A gray cat anchors my bed tonight,
she just recently invited herself in,
and the familiar of her, who
invites stray thoughts on things unnavigable.
(The syntax is unusual here. I would say "along with" instead of "and", as a familiar is an unfamiliar noun for a lot of people. I'd look look at those triple commas too)(I love the rhythm of the last line, but the intro of a marine word at the end is odd except for its perfect sound accent)

In the same way a mystic
can see and taste and touch
what is unsensible to you and me,
(do you use "unsensible" rather than "unsensable" for a reason?)

and can heighten what is erotic
in what you and I cannot taste, touch, see,
just this way lonely people find
(How about "in just" rather than "just?)

inconsequentially what predicates
(I would delete this line - makes the next one more powerful)

what staves off a kind of reckoning.

I know this in my body to be true.
(This litany-sounding sentence is quite extraordinary in its simplicity and definiteness)

And my body knows something else:
lonely people see clean through
(The slang here seems offkey)
the likes of you and me.
(same again)

They taste things and hear things and smell things
the nemo in us must shy from because
(here the nemo is just confounding. It's just too obscure)

he is territory whose territory
(I like this)

is a place of crenellated fear
(sounds like a castle, okay)

of everything that sees clean through us.
(too much mixing in this sentence. It's a territory whose "territory" is a castle-like place that "of everything that sees". Just confusing, IMHO)

It all gets so personal and incestuous.
(This is too telly. Maybe extend the next sentence to show an incestuous element?)

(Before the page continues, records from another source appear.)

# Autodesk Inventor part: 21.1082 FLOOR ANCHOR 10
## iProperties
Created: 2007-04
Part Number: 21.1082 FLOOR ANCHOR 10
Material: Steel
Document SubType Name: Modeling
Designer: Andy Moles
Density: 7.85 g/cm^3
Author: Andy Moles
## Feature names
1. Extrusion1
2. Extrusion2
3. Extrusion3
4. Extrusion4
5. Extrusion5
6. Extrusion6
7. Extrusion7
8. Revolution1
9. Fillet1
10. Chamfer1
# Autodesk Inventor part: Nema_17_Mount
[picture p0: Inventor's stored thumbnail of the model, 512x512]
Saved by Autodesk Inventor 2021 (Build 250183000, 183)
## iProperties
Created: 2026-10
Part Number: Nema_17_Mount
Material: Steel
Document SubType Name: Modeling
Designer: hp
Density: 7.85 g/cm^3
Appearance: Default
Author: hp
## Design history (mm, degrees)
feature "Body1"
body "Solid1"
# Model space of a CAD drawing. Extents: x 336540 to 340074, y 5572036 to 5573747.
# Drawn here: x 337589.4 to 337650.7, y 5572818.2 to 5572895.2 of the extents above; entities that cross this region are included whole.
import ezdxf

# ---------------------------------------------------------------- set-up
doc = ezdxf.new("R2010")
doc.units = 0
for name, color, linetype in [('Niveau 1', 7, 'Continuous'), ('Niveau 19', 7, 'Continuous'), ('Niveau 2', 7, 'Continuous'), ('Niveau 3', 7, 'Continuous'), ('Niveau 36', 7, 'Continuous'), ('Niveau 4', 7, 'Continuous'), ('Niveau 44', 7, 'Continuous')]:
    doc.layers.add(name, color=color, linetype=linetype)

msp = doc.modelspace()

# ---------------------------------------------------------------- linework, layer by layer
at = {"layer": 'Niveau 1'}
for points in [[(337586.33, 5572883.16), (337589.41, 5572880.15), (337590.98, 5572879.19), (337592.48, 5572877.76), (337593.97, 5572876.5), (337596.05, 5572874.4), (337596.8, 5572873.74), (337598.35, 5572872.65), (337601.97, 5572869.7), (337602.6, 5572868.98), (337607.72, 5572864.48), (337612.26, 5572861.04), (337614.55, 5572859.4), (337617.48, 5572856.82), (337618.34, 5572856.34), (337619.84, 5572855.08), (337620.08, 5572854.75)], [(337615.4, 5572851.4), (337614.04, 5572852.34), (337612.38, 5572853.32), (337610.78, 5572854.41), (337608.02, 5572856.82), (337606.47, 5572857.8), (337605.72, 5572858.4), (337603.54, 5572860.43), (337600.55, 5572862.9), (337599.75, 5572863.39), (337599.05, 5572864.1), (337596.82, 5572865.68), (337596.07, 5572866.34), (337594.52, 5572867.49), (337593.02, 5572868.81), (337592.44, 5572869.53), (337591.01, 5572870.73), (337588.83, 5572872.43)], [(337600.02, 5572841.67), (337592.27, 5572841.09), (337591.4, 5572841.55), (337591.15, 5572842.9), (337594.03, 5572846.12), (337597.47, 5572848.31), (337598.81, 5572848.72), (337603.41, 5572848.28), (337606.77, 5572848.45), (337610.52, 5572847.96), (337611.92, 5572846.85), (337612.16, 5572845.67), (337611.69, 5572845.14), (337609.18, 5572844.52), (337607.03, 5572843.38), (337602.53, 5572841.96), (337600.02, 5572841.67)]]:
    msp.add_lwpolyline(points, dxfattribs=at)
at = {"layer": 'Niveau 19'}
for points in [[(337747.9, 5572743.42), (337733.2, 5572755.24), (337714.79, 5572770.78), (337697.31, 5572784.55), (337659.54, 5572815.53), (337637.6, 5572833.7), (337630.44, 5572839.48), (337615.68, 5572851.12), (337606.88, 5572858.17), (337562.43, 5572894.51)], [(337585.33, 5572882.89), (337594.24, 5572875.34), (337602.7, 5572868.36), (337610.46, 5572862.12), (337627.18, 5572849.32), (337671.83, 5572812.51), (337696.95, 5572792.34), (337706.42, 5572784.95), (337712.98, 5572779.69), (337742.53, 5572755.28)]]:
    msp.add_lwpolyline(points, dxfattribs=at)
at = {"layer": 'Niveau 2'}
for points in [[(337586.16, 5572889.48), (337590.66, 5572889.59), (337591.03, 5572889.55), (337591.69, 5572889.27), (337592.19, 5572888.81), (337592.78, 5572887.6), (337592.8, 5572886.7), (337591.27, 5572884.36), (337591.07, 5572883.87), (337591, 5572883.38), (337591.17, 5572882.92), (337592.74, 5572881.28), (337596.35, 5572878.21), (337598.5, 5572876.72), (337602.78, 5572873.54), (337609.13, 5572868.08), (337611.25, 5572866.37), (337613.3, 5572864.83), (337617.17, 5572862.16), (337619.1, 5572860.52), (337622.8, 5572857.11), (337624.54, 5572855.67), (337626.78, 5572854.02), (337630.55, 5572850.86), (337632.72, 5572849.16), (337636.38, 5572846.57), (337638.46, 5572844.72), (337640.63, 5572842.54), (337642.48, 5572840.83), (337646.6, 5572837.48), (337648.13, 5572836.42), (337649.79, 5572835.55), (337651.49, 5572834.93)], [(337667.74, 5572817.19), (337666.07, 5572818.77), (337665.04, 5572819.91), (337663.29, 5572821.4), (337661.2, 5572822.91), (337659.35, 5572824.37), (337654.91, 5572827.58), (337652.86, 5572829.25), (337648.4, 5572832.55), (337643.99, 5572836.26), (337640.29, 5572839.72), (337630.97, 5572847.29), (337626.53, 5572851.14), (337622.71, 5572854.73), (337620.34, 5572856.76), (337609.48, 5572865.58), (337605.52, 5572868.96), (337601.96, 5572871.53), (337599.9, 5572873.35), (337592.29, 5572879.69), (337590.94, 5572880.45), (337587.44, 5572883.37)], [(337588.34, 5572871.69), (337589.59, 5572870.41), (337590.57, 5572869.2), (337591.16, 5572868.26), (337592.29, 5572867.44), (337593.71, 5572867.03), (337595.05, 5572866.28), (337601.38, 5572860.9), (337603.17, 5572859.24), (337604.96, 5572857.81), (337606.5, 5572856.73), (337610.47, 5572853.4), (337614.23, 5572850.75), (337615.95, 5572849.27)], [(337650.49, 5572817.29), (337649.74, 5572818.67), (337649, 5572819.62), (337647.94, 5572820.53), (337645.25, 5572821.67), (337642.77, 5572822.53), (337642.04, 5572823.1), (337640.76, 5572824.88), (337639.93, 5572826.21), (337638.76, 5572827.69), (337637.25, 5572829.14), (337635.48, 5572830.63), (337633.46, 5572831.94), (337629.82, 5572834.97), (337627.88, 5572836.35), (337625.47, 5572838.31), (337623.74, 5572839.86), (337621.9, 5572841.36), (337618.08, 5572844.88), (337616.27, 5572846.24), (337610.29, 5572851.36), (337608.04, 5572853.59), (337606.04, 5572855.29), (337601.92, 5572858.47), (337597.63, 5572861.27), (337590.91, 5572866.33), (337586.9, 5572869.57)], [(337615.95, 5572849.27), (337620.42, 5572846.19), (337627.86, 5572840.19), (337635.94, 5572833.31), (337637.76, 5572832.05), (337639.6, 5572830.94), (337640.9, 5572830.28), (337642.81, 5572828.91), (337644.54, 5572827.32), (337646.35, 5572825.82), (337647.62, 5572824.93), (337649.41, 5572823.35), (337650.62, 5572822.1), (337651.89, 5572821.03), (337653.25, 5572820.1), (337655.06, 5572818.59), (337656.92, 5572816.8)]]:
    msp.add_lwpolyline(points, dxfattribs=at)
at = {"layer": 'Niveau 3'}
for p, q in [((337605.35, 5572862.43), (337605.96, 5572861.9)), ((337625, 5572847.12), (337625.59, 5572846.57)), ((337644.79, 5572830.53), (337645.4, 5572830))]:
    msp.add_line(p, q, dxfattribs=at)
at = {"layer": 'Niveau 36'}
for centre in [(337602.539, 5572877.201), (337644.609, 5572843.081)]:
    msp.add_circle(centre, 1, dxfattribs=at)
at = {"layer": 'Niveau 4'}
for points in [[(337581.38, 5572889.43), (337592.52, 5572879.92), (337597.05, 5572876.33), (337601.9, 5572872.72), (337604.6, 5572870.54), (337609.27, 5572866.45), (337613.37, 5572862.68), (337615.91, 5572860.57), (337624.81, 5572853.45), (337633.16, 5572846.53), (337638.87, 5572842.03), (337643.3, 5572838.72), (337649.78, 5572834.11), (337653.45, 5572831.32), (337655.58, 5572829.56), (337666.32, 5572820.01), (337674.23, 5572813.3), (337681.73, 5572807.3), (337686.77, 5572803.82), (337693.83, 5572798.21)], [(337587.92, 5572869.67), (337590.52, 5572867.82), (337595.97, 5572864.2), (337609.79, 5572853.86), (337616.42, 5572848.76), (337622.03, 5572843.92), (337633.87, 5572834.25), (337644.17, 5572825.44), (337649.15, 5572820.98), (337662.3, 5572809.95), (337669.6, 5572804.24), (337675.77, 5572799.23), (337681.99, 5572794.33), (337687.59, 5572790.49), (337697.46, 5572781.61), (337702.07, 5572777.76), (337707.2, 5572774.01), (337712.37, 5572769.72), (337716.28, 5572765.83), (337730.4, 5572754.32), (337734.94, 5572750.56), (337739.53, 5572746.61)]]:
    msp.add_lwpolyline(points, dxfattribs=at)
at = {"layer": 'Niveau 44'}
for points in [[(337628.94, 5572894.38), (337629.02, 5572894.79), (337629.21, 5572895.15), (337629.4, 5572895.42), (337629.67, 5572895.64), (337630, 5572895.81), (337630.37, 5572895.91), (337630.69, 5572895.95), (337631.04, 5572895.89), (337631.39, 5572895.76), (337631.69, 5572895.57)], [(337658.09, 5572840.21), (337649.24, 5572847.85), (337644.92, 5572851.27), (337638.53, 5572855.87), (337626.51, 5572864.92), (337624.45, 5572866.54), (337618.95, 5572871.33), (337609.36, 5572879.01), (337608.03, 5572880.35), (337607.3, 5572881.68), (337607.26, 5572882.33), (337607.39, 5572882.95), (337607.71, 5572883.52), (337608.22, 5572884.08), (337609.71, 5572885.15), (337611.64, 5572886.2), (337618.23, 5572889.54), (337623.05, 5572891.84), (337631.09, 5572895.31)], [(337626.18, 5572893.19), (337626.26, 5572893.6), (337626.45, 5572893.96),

Our fear of us driving us.

I admit I am afraid of lonely people too.
(delete "I admit"?)

Their great discovery coming to this:
they do not need me.
(I don't get this. The definition of "lonely", rather than, say, isolated, autistic, or solitary people, is "desirous of the company of others", isn't it? So how could they not need others?)

I can’t say yet if mystics are as frightening.
But I can say they do not need me either.

A gray cat anchors my bed tonight,
she just recently invited herself in,
and the familiar of her, who
invites stray thoughts on things unnavigable.
(I like the repetition of this stanza)

On the whole, Tere, I'm seeing another poem entirely in this one. It's about the cat and its familiar, and how humans have familiars too, who are also in the bed. I'm not getting much from this rumination about how lonely people don't need people. How does the implied human familiar, who invites strange thoughts, comfort or alarm or frighten the N?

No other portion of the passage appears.